● Instructions for the task: Which lines in the entries below contain the string "surface"? Show each of them in full.

● Extracted information:
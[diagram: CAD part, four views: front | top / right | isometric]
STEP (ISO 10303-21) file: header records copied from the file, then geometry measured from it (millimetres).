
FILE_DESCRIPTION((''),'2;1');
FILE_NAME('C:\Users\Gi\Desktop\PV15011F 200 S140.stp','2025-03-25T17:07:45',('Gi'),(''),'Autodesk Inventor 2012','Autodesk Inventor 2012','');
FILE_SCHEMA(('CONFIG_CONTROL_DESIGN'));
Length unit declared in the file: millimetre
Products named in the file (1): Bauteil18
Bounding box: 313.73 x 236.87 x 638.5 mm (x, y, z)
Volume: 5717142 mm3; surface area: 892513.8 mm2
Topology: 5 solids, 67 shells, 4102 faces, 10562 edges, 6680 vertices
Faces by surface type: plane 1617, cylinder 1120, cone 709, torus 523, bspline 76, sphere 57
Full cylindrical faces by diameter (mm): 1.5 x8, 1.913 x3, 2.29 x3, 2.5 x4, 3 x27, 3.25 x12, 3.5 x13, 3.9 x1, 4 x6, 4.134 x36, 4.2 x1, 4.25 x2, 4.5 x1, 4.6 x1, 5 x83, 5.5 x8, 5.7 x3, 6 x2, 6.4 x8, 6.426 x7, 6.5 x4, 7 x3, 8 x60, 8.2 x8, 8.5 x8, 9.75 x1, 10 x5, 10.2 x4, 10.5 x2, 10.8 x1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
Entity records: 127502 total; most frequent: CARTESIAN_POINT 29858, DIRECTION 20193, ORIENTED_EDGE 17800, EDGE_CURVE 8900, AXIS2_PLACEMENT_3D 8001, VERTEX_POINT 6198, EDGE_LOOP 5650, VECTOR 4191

● Finished exercise:
Volume: 5717142 mm3; surface area: 892513.8 mm2
Faces by surface type: plane 1617, cylinder 1120, cone 709, torus 523, bspline 76, sphere 57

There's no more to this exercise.